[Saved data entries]
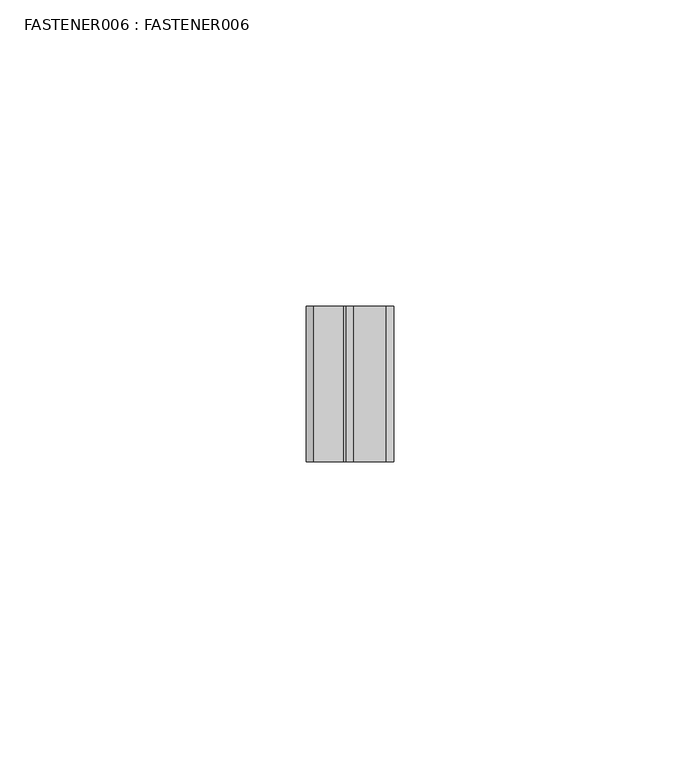
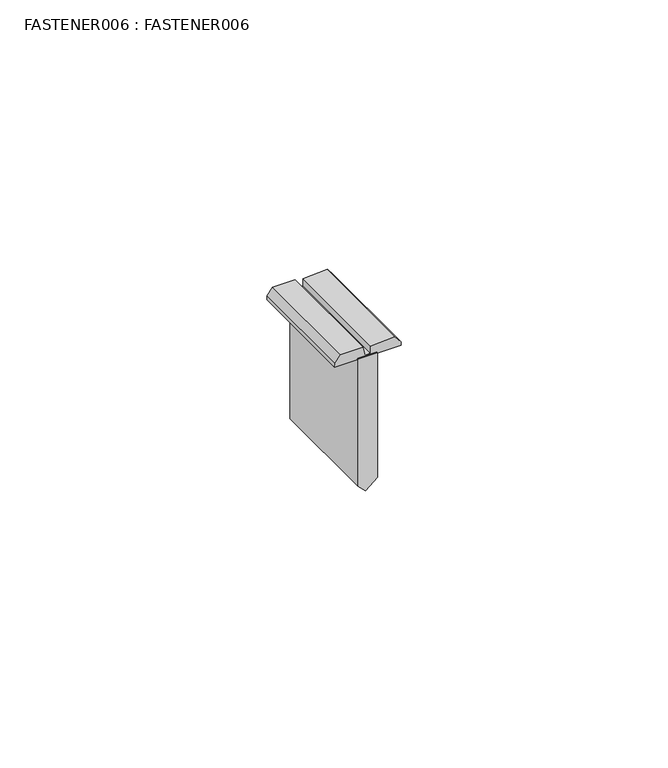
"""IFC4 building model written with IfcOpenShell, lengths in millimetres: proxy geometry, FASTENER006 : FASTENER006."""

import ifcopenshell
import ifcopenshell.guid

model = None  # the IFC model being written
_history = None  # IfcOwnerHistory: only IFC2X3 demands one
_inside = {}  # id of a spatial element -> (the spatial element, [elements in it])
_under = {}  # id of a project, library or spatial element -> (it, [spatial elements below it])
_declared = {}  # id of a project -> (the project, [libraries it declares])
_typed = {}  # id of a type object -> (the type object, [elements of that type])
_made_of = {}  # id of a material, layer set ... -> (it, [elements and type objects made of it])


def new_model(schema):
    """Start an empty IFC model of exactly this schema.

    Asked for "IFC4X3", IfcOpenShell would pick the latest addendum, in which some entities
    have other attributes; the version numbers below select the first issue.
    IFC2X3 requires an IfcOwnerHistory on every rooted entity: one is made here for all.
    """
    global model, _history
    if schema == "IFC4X3":
        model = ifcopenshell.file(schema_version=(4, 3, 0, 0))
    else:
        model = ifcopenshell.file(schema=schema)
    _inside.clear()
    _under.clear()
    _declared.clear()
    _typed.clear()
    _made_of.clear()
    _history = None
    if model.schema == "IFC2X3":
        org = make("IfcOrganization", Name="unknown")
        user = make(
            "IfcPersonAndOrganization",
            ThePerson=make("IfcPerson", FamilyName="unknown"),
            TheOrganization=org,
        )
        app = make(
            "IfcApplication",
            ApplicationDeveloper=org,
            Version="unknown",
            ApplicationFullName="unknown",
            ApplicationIdentifier="unknown",
        )
        _history = make(
            "IfcOwnerHistory",
            OwningUser=user,
            OwningApplication=app,
            ChangeAction="ADDED",
            CreationDate=0,
        )
    return model


def make(cls, **values):
    """One entity of the class cls with the attributes given. An attribute that is None is left unset."""
    return model.create_entity(
        cls, **{name: value for name, value in values.items() if value is not None}
    )


def rooted(cls, **values):
    """An entity with a GlobalId (a new one), such as an element, a storey or a relation."""
    return make(cls, GlobalId=ifcopenshell.guid.new(), OwnerHistory=_history, **values)


def si_unit(unit_type, name, prefix=None):
    """IfcSIUnit, for example si_unit("LENGTHUNIT", "METRE", prefix="MILLI")."""
    return make("IfcSIUnit", UnitType=unit_type, Prefix=prefix, Name=name)


def assignment(units):
    """IfcUnitAssignment: the units of a project."""
    return None if units is None else make("IfcUnitAssignment", Units=units)


def point(xyz):
    """IfcCartesianPoint."""
    return None if xyz is None else make("IfcCartesianPoint", Coordinates=xyz)


def direction(xyz):
    """IfcDirection."""
    return None if xyz is None else make("IfcDirection", DirectionRatios=xyz)


def frame(location, z_axis=None, x_axis=None):
    """IfcAxis2Placement3D, a coordinate frame: its origin and axes. An axis left out is left unset."""
    return make(
        "IfcAxis2Placement3D",
        Location=point(location),
        Axis=direction(z_axis),
        RefDirection=direction(x_axis),
    )


def origin():
    """The frame at (0, 0, 0) with its axes left unset."""
    return frame((0.0, 0.0, 0.0))


def place(relative_to, where):
    """IfcLocalPlacement: puts the frame where relative to a parent placement (None: the world)."""
    return make(
        "IfcLocalPlacement", PlacementRelTo=relative_to, RelativePlacement=where
    )


def context(
    kind, dimensions, precision=None, world=None, true_north=None, identifier=None
):
    """IfcGeometricRepresentationContext, for example the 3D "Model" context."""
    return make(
        "IfcGeometricRepresentationContext",
        ContextIdentifier=identifier,
        ContextType=kind,
        CoordinateSpaceDimension=dimensions,
        Precision=precision,
        WorldCoordinateSystem=world,
        TrueNorth=true_north,
    )


def project(units=None, contexts=None):
    """IfcProject with its units and contexts."""
    return rooted(
        "IfcProject",
        Name="project",
        RepresentationContexts=contexts,
        UnitsInContext=assignment(units),
    )


def spatial(cls, under=None, at=None, **own):
    """A site, building, storey or space (cls), placed at a placement, below another one or the project."""
    s = rooted(cls, ObjectPlacement=at, **own)
    if under is not None:
        _under.setdefault(under.id(), (under, []))[1].append(s)
    return s


def polyline(points):
    """IfcPolyline through the points."""
    return make("IfcPolyline", Points=[point(p) for p in points])


def outline(outer, holes=None, kind="AREA"):
    """IfcArbitraryClosedProfileDef: a profile drawn as a closed curve; with holes, ...WithVoids."""
    if holes is None:
        return make("IfcArbitraryClosedProfileDef", ProfileType=kind, OuterCurve=outer)
    return make(
        "IfcArbitraryProfileDefWithVoids",
        ProfileType=kind,
        OuterCurve=outer,
        InnerCurves=holes,
    )


def extrude(swept, where, along, depth):
    """IfcExtrudedAreaSolid: the profile swept, set in the frame where, extruded along a direction by depth."""
    return make(
        "IfcExtrudedAreaSolid",
        SweptArea=swept,
        Position=where,
        ExtrudedDirection=direction(along),
        Depth=depth,
    )


def shape(context_of_items, identifier, shape_type, items):
    """IfcShapeRepresentation: the items that make up one representation, for example the "Body"."""
    return make(
        "IfcShapeRepresentation",
        ContextOfItems=context_of_items,
        RepresentationIdentifier=identifier,
        RepresentationType=shape_type,
        Items=items,
    )


def source(mapping_origin, context_of_items, identifier, shape_type, items):
    """IfcRepresentationMap: a shape defined once, which mapped items show again and again."""
    return make(
        "IfcRepresentationMap",
        MappingOrigin=mapping_origin,
        MappedRepresentation=shape(context_of_items, identifier, shape_type, items),
    )


def transform(
    local_origin,
    x_axis=None,
    y_axis=None,
    z_axis=None,
    scale=None,
    scale2=None,
    scale3=None,
    uniform=True,
):
    """IfcCartesianTransformationOperator3D, or its non-uniform kind. x_axis, y_axis, z_axis: its Axis1, 2, 3."""
    if uniform:
        return make(
            "IfcCartesianTransformationOperator3D",
            Axis1=direction(x_axis),
            Axis2=direction(y_axis),
            LocalOrigin=point(local_origin),
            Scale=scale,
            Axis3=direction(z_axis),
        )
    return make(
        "IfcCartesianTransformationOperator3DnonUniform",
        Axis1=direction(x_axis),
        Axis2=direction(y_axis),
        LocalOrigin=point(local_origin),
        Scale=scale,
        Axis3=direction(z_axis),
        Scale2=scale2,
        Scale3=scale3,
    )


def mapped(mapping_source, mapping_target):
    """IfcMappedItem: shows the shape of a source again, moved by a transform."""
    return make(
        "IfcMappedItem", MappingSource=mapping_source, MappingTarget=mapping_target
    )


def made_of(thing, what):
    """Note that an element or type object is made of a material, layer set ...; save() writes the relation."""
    if what is not None:
        _made_of.setdefault(what.id(), (what, []))[1].append(thing)
    return thing


def element(
    cls,
    number,
    at=None,
    inside=None,
    cuts=None,
    type_object=None,
    material=None,
    context=None,
    identifier="Body",
    shape_type=None,
    held_by="IfcProductDefinitionShape",
    body=None,
    shapes=None,
    **own,
):
    """One element of the class cls, such as IfcWall. Its Tag is "e" and its number.

    at: its placement. inside: the storey or other place that contains it. cuts: it is an
    opening in that element (IfcRelVoidsElement). A single representation is given by context,
    identifier, shape_type and body (its items); several are given by shapes. held_by: the class
    of the entity that holds the representations. save() writes the other relations.
    """
    e = rooted(cls, Tag="e%d" % number, ObjectPlacement=at, **own)
    if body is not None:
        shapes = [shape(context, identifier, shape_type, body)]
    if shapes is not None:
        e.Representation = make(held_by, Representations=shapes)
    if inside is not None:
        _inside.setdefault(inside.id(), (inside, []))[1].append(e)
    if cuts is not None:
        rooted(
            "IfcRelVoidsElement", RelatingBuildingElement=cuts, RelatedOpeningElement=e
        )
    if type_object is not None:
        _typed.setdefault(type_object.id(), (type_object, []))[1].append(e)
    return made_of(e, material)


def aggregate(whole, parts):
    """IfcRelAggregates: a whole, such as a stair, and the parts it consists of."""
    return rooted("IfcRelAggregates", RelatingObject=whole, RelatedObjects=parts)


def save(model, path):
    """Write the relations noted so far, then the file.

    IfcRelAggregates (storeys below a building ...), IfcRelContainedInSpatialStructure (elements
    in a storey), IfcRelDefinesByType, IfcRelAssociatesMaterial and IfcRelDeclares: one each for
    every whole, place, type object, material and project.
    """
    for whole, parts in _under.values():
        aggregate(whole, parts)
    for where, things in _inside.values():
        rooted(
            "IfcRelContainedInSpatialStructure",
            RelatedElements=things,
            RelatingStructure=where,
        )
    for kind, things in _typed.values():
        rooted("IfcRelDefinesByType", RelatedObjects=things, RelatingType=kind)
    for what, things in _made_of.values():
        rooted("IfcRelAssociatesMaterial", RelatedObjects=things, RelatingMaterial=what)
    for by, libraries in _declared.values():
        rooted("IfcRelDeclares", RelatingContext=by, RelatedDefinitions=libraries)
    model.write(path)


def fastener006_fastener006_f031ca55(model_context):
    return source(origin(), model_context, "Body", "SweptSolid", [
        extrude(outline(polyline([(42577.1576024, 5870.6890035), (42548.1988623, 5870.6890035), (42546.5833096, 5872.3460181), (42548.7638676, 5874.895922), (42577.1576024, 5874.895922), (42577.1576024, 5870.6890035)])), frame((0.0, -1078.2906574, 0.0), z_axis=(0.0, 1.0, 0.0), x_axis=(0.0, 0.0, 1.0)), (0.0, 0.0, 1.0), 25.4),
        extrude(outline(polyline([(42577.1576024, 5879.9417891), (42577.9674245, 5879.9417891), (42579.5612959, 5878.7030871), (42579.1650604, 5873.4174049), (42577.5756297, 5873.4174049), (42577.5756297, 5872.1703), (42579.587761, 5871.7740645), (42579.587761, 5866.8949826), (42577.9938896, 5865.6562805), (42577.1576024, 5865.6454839), (42577.1576024, 5879.9417891)])), frame((0.0, -1078.2906574, 0.0), z_axis=(0.0, 1.0, 0.0), x_axis=(0.0, 0.0, 1.0)), (0.0, 0.0, 1.0), 25.4),
    ])


if __name__ == "__main__":
    model = new_model("IFC4")
    model_context = context("Model", 3, world=origin())
    ifc_project = project(units=[si_unit("LENGTHUNIT", "METRE", prefix="MILLI")], contexts=[model_context])
    site = spatial("IfcSite", under=ifc_project)
    building = spatial("IfcBuilding", under=site)
    placement = place(None, origin())
    fastener006_fastener006_shape = fastener006_fastener006_f031ca55(model_context)
    element("IfcBuildingElementProxy", 1, Name="FASTENER006 : FASTENER006", ObjectType="FASTENER006 : FASTENER006", at=placement, inside=building, context=model_context, shape_type="MappedRepresentation", body=[
        mapped(fastener006_fastener006_shape, transform((0.0, 0.0, 0.0), x_axis=(1.0, 0.0, 0.0), y_axis=(0.0, 1.0, 0.0), z_axis=(0.0, 0.0, 1.0))),
    ])
    save(model, "model.ifc")

# Revit data of these elements
# Type "FASTENER006 : FASTENER006"
#   NameOverride = "FASTENER006"
# Element 1 (IfcBuildingElementProxy, "FASTENER006 : FASTENER006")
#   Materials on its faces: "ENGINEERED PANCAKE HEAD FASTENER @ 12\" O.C."
# Materials
#   "ENGINEERED PANCAKE HEAD FASTENER @ 12\" O.C.": class "Unassigned", colour RGB 255 255 255, transparency 0, Cost = 0

## [WHAT TO DO]
Each line that holds the string "IfcRelVoidsElement" is to be copied from the entries above.

## [PROBLEM SOLUTION]
    opening in that element (IfcRelVoidsElement). A single representation is given by context,
            "IfcRelVoidsElement", RelatingBuildingElement=cuts, RelatedOpeningElement=e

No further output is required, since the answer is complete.